Aging can be broadly defined as a gradual decline in function over time; it is one of the most conserved features of living organisms. Mitochondrial dysfunction is a hallmark of aging, but the mechanisms contributing to the disruption of mitochondrial homeostasis are not clearly understood. Now, researchers led by David Sinclair (Harvard Medical School, Boston, MA) report that a disruption of intracellular communication between the mitochondria and nucleus contributes to aging-related mitochondrial dysfunction.

Nuclear–mitochondrial communication is key, as different subunits of the energy-producing oxidative phosphorylation (OXPHOS) system are encoded in the two genomes; failure to coordinate the two impairs the cell's energy supply. Sinclair's group noted that in aging mice, activity of only the mitochondrially encoded components of the OXPHOS system declined (Cell 155, 1624–1638; 2013).

As their search to identify the biochemical underpinnings of this decline progressed, they investigated several molecules known to be associated with aging or lifespan extension. NAD+ is a coenzyme involved in energy production whose concentration declines with age. It controls the activity of SIRT1, an enzyme with an established role in lifespan extension. Sinclair's team next carried out a series of experiments using aging and Sirt1-knockout mice.

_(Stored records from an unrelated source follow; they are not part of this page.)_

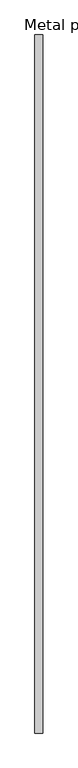
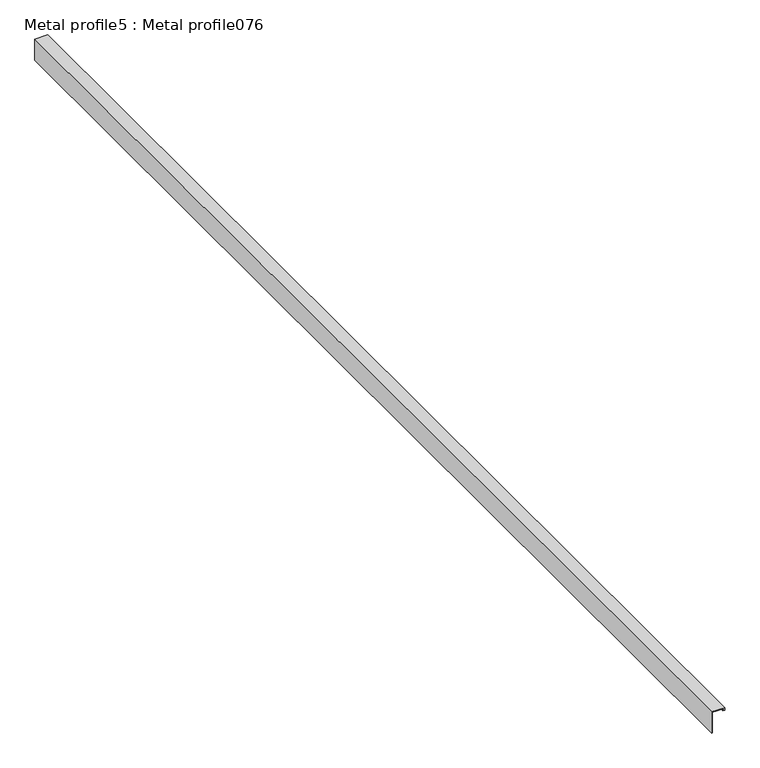
"""IFC4 building model written with IfcOpenShell, lengths in millimetres: proxy geometry, Metal profile5 : Metal profile076."""

from ifc_helpers import new_model, si_unit, frame, origin, place, context, project, spatial, polyline, outline, extrude, source, transform, mapped, element, save


def metal_profile5_metal_profile076_f0a74c49(model_context):
    return source(origin(), model_context, "Body", "SweptSolid", [
        extrude(outline(polyline([(40120.4288738, -9287.2762348), (40120.4288738, -9267.5912348), (40118.2190738, -9267.5912348), (40118.2190738, -9269.3236911), (40116.9490738, -9269.3236911), (40116.9490738, -9266.3212348), (40121.6988738, -9266.3212348), (40121.6988738, -9288.5462348), (40083.5988738, -9288.5462348), (40083.5988738, -9287.2762348), (40120.4288738, -9287.2762348)])), frame((0.0, 7182.1531721, 0.0), z_axis=(0.0, 1.0, 0.0), x_axis=(0.0, 0.0, 1.0)), (0.0, 0.0, 1.0), 2000.0),
    ])


if __name__ == "__main__":
    model = new_model("IFC4")
    model_context = context("Model", 3, world=origin())
    ifc_project = project(units=[si_unit("LENGTHUNIT", "METRE", prefix="MILLI")], contexts=[model_context])
    site = spatial("IfcSite", under=ifc_project)
    building = spatial("IfcBuilding", under=site)
    placement = place(None, origin())
    metal_profile5_metal_profile076_shape = metal_profile5_metal_profile076_f0a74c49(model_context)
    element("IfcBuildingElementProxy", 1, Name="Metal profile5 : Metal profile076", ObjectType="Metal profile5 : Metal profile076", at=placement, inside=building, context=model_context, shape_type="MappedRepresentation", body=[
        mapped(metal_profile5_metal_profile076_shape, transform((0.0, 0.0, 0.0), x_axis=(1.0, 0.0, 0.0), y_axis=(0.0, 1.0, 0.0), z_axis=(0.0, 0.0, 1.0))),
    ])
    save(model, "model.ifc")

# Revit data of these elements
# Type "Metal profile5 : Metal profile076"
#   NameOverride = "Metal profile076"
# Element 1 (IfcBuildingElementProxy, "Metal profile5 : Metal profile076")
#   Materials on its faces: "COPPER STUCCO J BEAD"
# Materials
#   "COPPER STUCCO J BEAD": class "Unassigned", colour RGB 251 232 155, transparency 0, Cost = 0

When taken together, the experimental results suggest that as the concentration of NAD+ in the nucleus falls with age, SIRT1 activity is reduced, allowing the transcription factor HIF-1a to accumulate. Accumulation of HIF-1a interferes with normal nuclear–mitochondrial communication, leading to declines in mitochondrial OXPHOS subunits and disruption of mitochondrial homeostasis.

Finally, Sinclair's group evaluated whether they could prevent the disruption, restore intracellular communication and, in effect, turn back the hands of time. They administered a precursor of NAD+ to aging mice for 1 week and observed increases in mitochondrial OXPHOS subunits along with reversal of biochemical changes related to aging. After the 1-week treatment period, mice that were 22 months old had health biomarkers (including indicators of insulin resistance, inflammation and muscle wasting) similar to those normally seen in 6-month-old mice. A similar improvement in humans might be a 60-year-old person with muscle tissue of a 20-year-old, according to the researchers. “There's clearly much more work to be done here, but if these results stand, then certain aspects of aging may be reversible if caught early,” said Sinclair in a statement.

Future studies will analyze longer-term outcomes of NAD+ precursor administration, as well as potential applications in treating rare mitochondrial and more common metabolic diseases, such as diabetes.